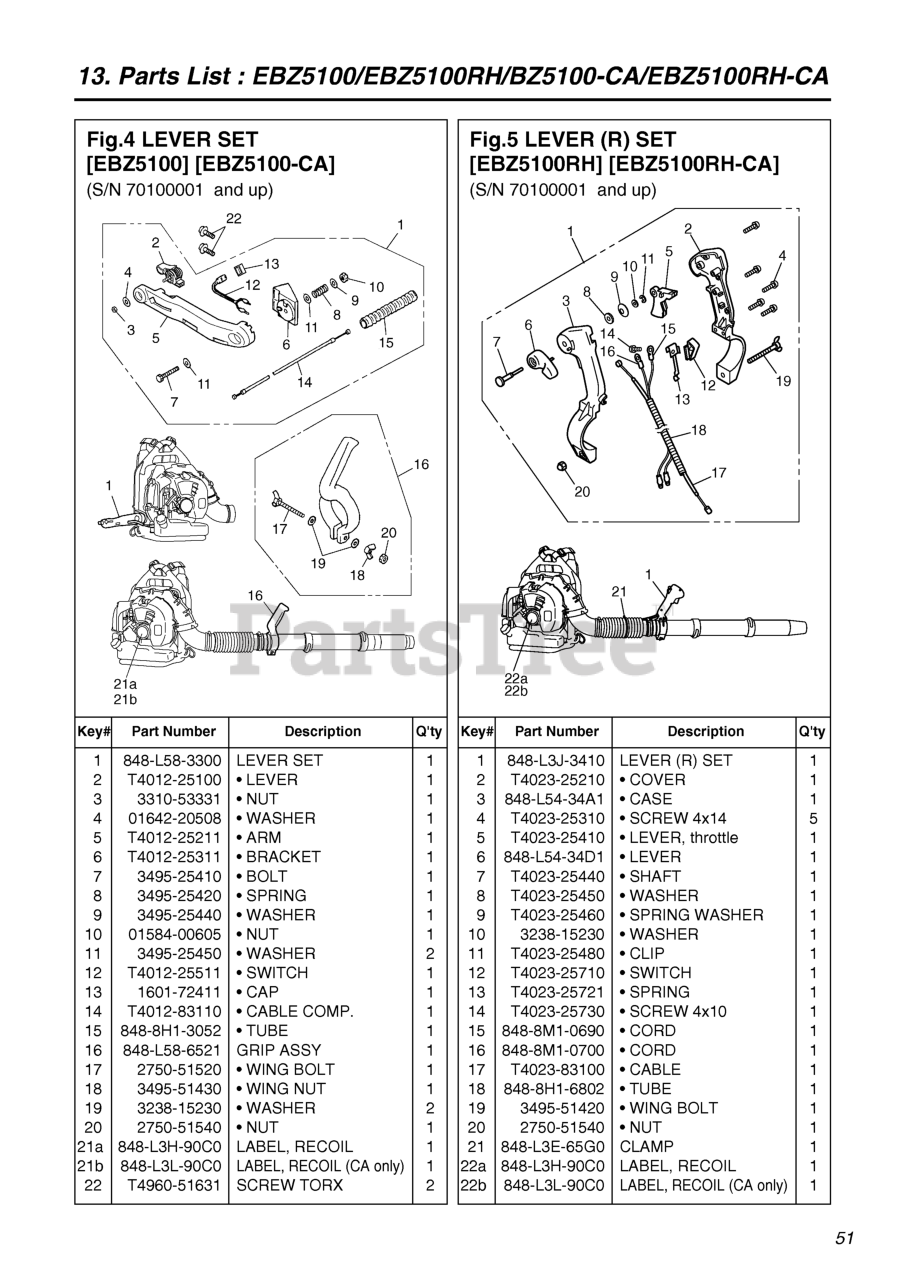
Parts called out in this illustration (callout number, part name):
1	LEVER SET (RPLS. T4012-25001)
2	LEVER
3	NUT (B)
4	WASHER, M5x.8(RPLS 01624-20508
5	ARM (RPLS T4012-25210)
6	BRACKET (RPLS -25310)
7	BOLT
8	SPRING
9	WASHER
10	NUT, M6 X 5
11	WASHER, FLAT
12	SWITCH (RPLS T4012-25510)
13	CAP SWITCH
14	CABLE COMPLETE
15	TUBE (REPLACES T4012-25610)
16	GRIP ASSY
17	WING BOLT
18	NUT, WING
19	WASHER
20	NUT
21A	LABEL, RECOIL
22	SCREW TORX
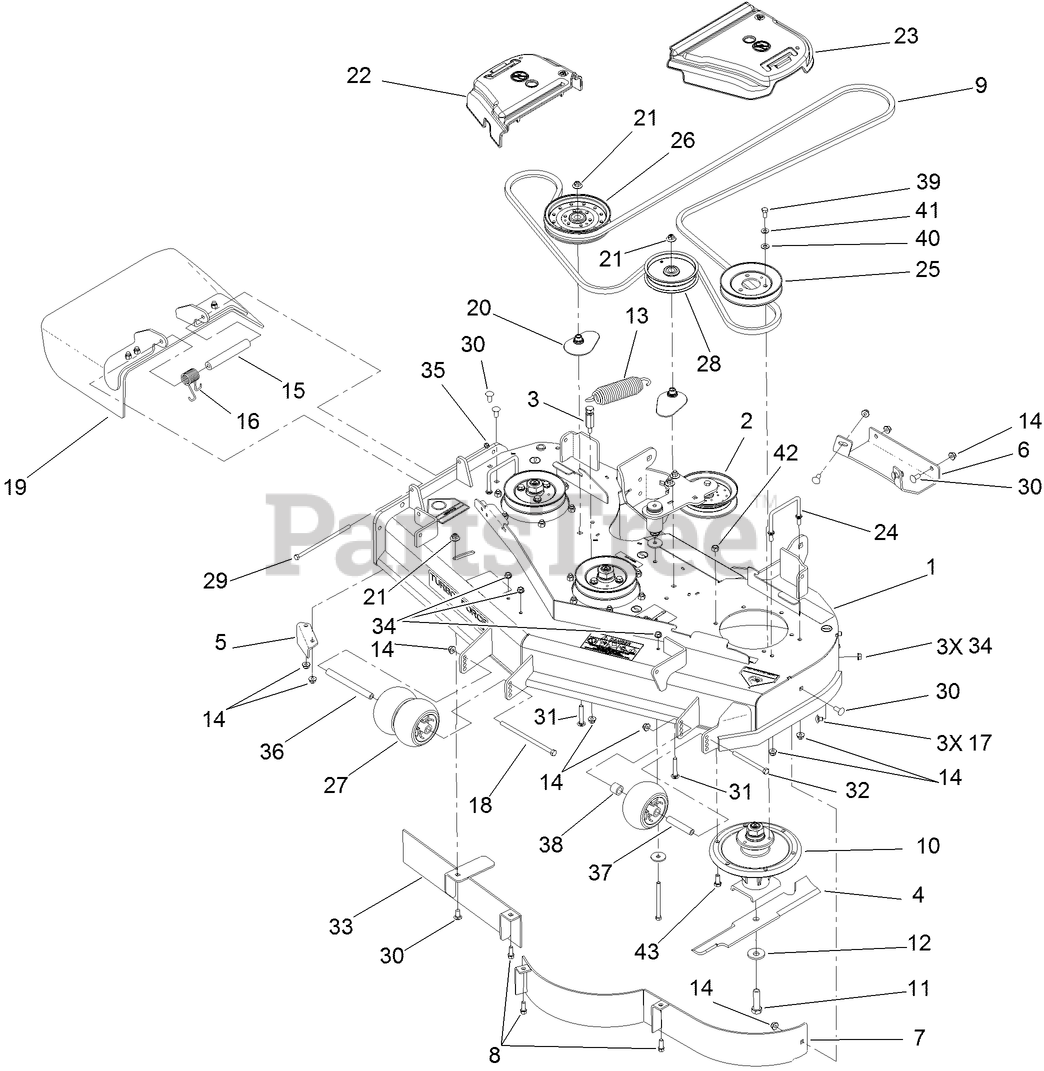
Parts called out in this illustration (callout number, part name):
1	DECK DECAL ASM
2	IDLER ARM ASM
3	ANCHOR-SPRING, TALL
4	BLADE-16.5 INCH (HIGH FLOW)
5	BAFFLE-DISCHARGE
6	PLATE-SKID
8	SCREW-HWH
9	BELT-V
10	SPINDLE ASM
11	SCREW-BLADE
12	Washer-Blade Bolt, Heavy
13	EXTENSION-SPRING
14	NUT-HF, NI
15	SPACER
16	SPRING-TORSION
17	SCREW-CARR
18	SCREW-HH
19	RUBBER DEFLECTOR ASM
20	SPACER-PULLEY
21	NUT-FLANGE, NI
22	COVER-BELT, RH
23	COVER-BELT, LH
24	WIREFORM-COVER
25	PULLEY
26	PULLEY-IDLER, FLAT
27	ROLLER-SCALP, ANTI
28	PULLEY-IDLER
29	SCREW-HH
30	SCREW-CARR
31	BOLT-CARR, SHORT NECK
32	SCREW-HH
33	BAFFLE ASM
34	NUT-HHF, WHIZ
35	NUT-LOCK, NI
36	SPACER-WHEEL
37	TUBE-SPANNER
38	TUBE-SPACER
39	SCREW-HH
40	WASHER-FLAT
41	WASHER-BELLEVILLE
42	NUT-LOCK, NI
43	SCREW-HH
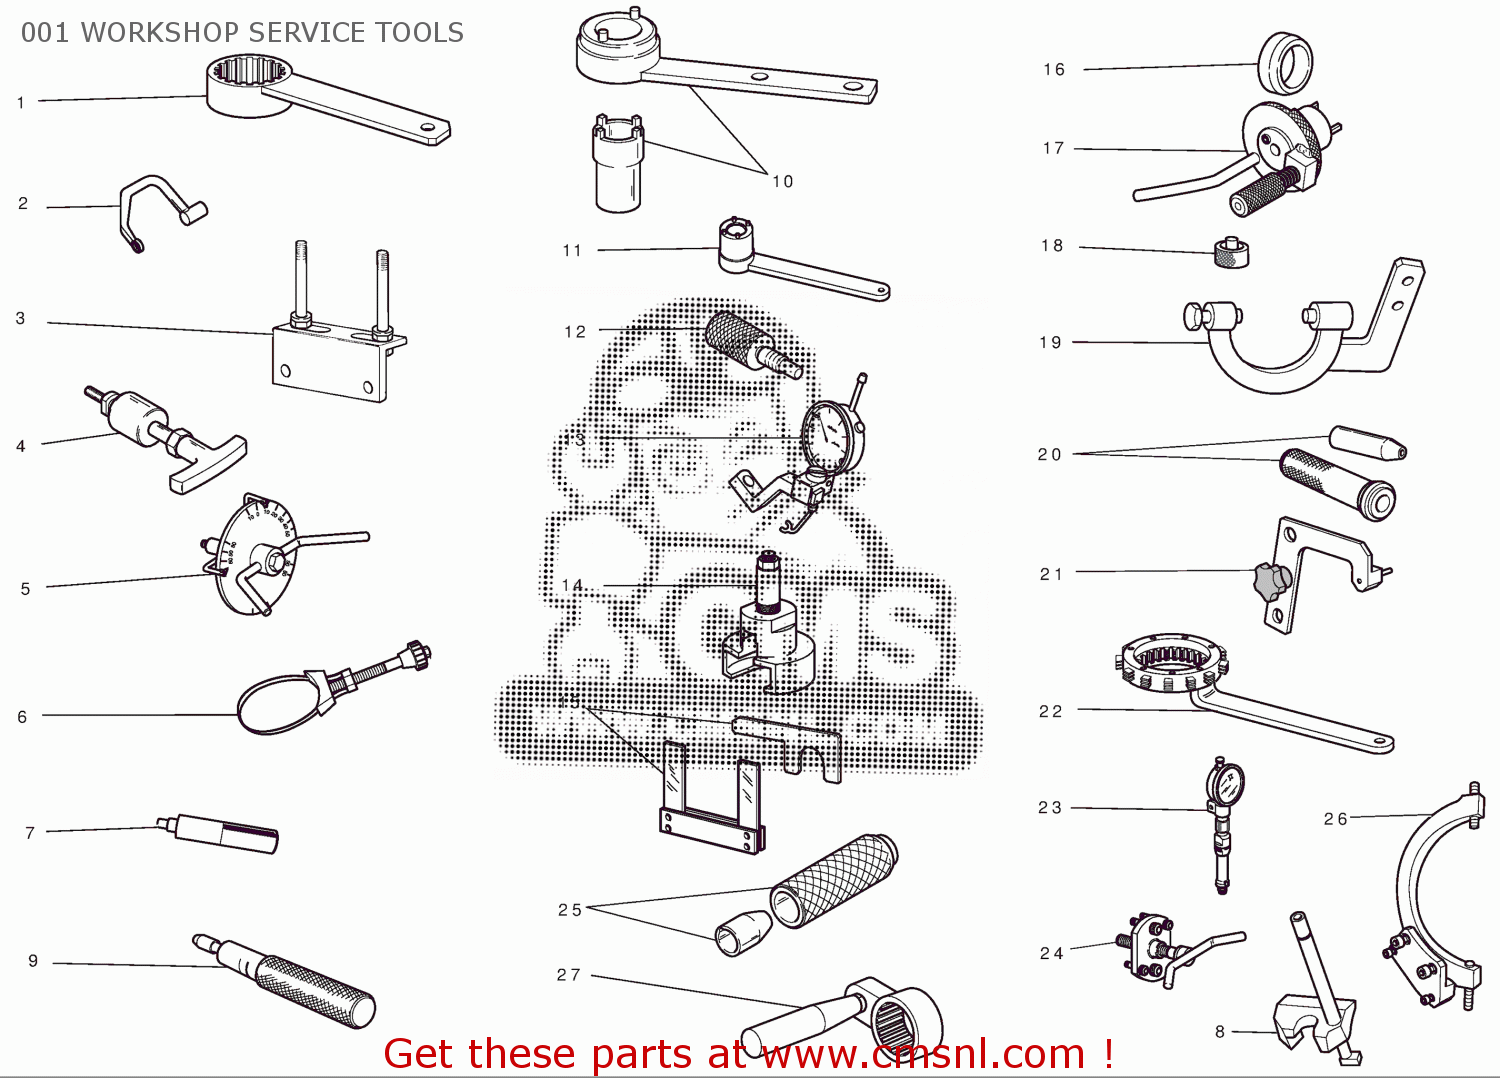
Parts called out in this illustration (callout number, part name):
1	Wrench for holding timing belt rollers ring nuts
2	HEAD NUTS HOLDER WRENCH
3	HEAD MOUNTING BASE
4	ROCKER PIN EXTRACTOR
5	TOOL ADVANCE CHECKING WITH DISC
6	WRENCH, OIL FILTER CARTRIDGE
7	TOOL ROLLER CAGE FITTING
8	CLOSING ROCKER & SPRING ASSEMBLING TOOL
9	TOOL, OIL SEAL MOUNTING
10	DRIVING ROLLER TIGHTENING TOOL
11	CRANKSHAFT GEAR RETAINING WRENCH
12	BELT ROLLER TIMING OF TWO-VALVE HEAD
13	VALVE LIFT GAUGE
14	EXTRACTOR FOR PRIMARY DRIVE GEAR
15	SPACER AND FORK FEELER GAUGE 0.2/0.3 MM
16	SLEEVE FOR INSTALLING CLUTCHBELL GEAR
17	CRANKSHAFT RESET TOOL
18	SPACER FOR CHECKING LOWER VALVE SHIM
19	FLYWHEEL WRENCH
20	CRANKCASES ASSEMBLING CAP
21	PLATE POSITIONING GEAR ENGAGEMENT FORK
22	WRENCH HOLD CLUCH HOUSING DRUM STEADY
23	T.D.C. CONTROL GAUGE
24	DRIVE ROLLER PULLER
25	SNAP RINGINSTALLATION TOOL
26	FLYWHEEL WRENCH
27	WRENCH FOR HOLDING TIMING BELT ROLLERS

> _ASSIGNED TASK_:
Please reproduce the records above exactly, leaving out every picture.

> _SOLUTION TO THIS PROBLEM_:
Parts called out in this illustration (callout number, part name):
1	LEVER SET (RPLS. T4012-25001)
2	LEVER
3	NUT (B)
4	WASHER, M5x.8(RPLS 01624-20508
5	ARM (RPLS T4012-25210)
6	BRACKET (RPLS -25310)
7	BOLT
8	SPRING
9	WASHER
10	NUT, M6 X 5
11	WASHER, FLAT
12	SWITCH (RPLS T4012-25510)
13	CAP SWITCH
14	CABLE COMPLETE
15	TUBE (REPLACES T4012-25610)
16	GRIP ASSY
17	WING BOLT
18	NUT, WING
19	WASHER
20	NUT
21A	LABEL, RECOIL
22	SCREW TORX
Parts called out in this illustration (callout number, part name):
1	DECK DECAL ASM
2	IDLER ARM ASM
3	ANCHOR-SPRING, TALL
4	BLADE-16.5 INCH (HIGH FLOW)
5	BAFFLE-DISCHARGE
6	PLATE-SKID
8	SCREW-HWH
9	BELT-V
10	SPINDLE ASM
11	SCREW-BLADE
12	Washer-Blade Bolt, Heavy
13	EXTENSION-SPRING
14	NUT-HF, NI
15	SPACER
16	SPRING-TORSION
17	SCREW-CARR
18	SCREW-HH
19	RUBBER DEFLECTOR ASM
20	SPACER-PULLEY
21	NUT-FLANGE, NI
22	COVER-BELT, RH
23	COVER-BELT, LH
24	WIREFORM-COVER
25	PULLEY
26	PULLEY-IDLER, FLAT
27	ROLLER-SCALP, ANTI
28	PULLEY-IDLER
29	SCREW-HH
30	SCREW-CARR
31	BOLT-CARR, SHORT NECK
32	SCREW-HH
33	BAFFLE ASM
34	NUT-HHF, WHIZ
35	NUT-LOCK, NI
36	SPACER-WHEEL
37	TUBE-SPANNER
38	TUBE-SPACER
39	SCREW-HH
40	WASHER-FLAT
41	WASHER-BELLEVILLE
42	NUT-LOCK, NI
43	SCREW-HH
Parts called out in this illustration (callout number, part name):
1	Wrench for holding timing belt rollers ring nuts
2	HEAD NUTS HOLDER WRENCH
3	HEAD MOUNTING BASE
4	ROCKER PIN EXTRACTOR
5	TOOL ADVANCE CHECKING WITH DISC
6	WRENCH, OIL FILTER CARTRIDGE
7	TOOL ROLLER CAGE FITTING
8	CLOSING ROCKER & SPRING ASSEMBLING TOOL
9	TOOL, OIL SEAL MOUNTING
10	DRIVING ROLLER TIGHTENING TOOL
11	CRANKSHAFT GEAR RETAINING WRENCH
12	BELT ROLLER TIMING OF TWO-VALVE HEAD
13	VALVE LIFT GAUGE
14	EXTRACTOR FOR PRIMARY DRIVE GEAR
15	SPACER AND FORK FEELER GAUGE 0.2/0.3 MM
16	SLEEVE FOR INSTALLING CLUTCHBELL GEAR
17	CRANKSHAFT RESET TOOL
18	SPACER FOR CHECKING LOWER VALVE SHIM
19	FLYWHEEL WRENCH
20	CRANKCASES ASSEMBLING CAP
21	PLATE POSITIONING GEAR ENGAGEMENT FORK
22	WRENCH HOLD CLUCH HOUSING DRUM STEADY
23	T.D.C. CONTROL GAUGE
24	DRIVE ROLLER PULLER
25	SNAP RINGINSTALLATION TOOL
26	FLYWHEEL WRENCH
27	WRENCH FOR HOLDING TIMING BELT ROLLERS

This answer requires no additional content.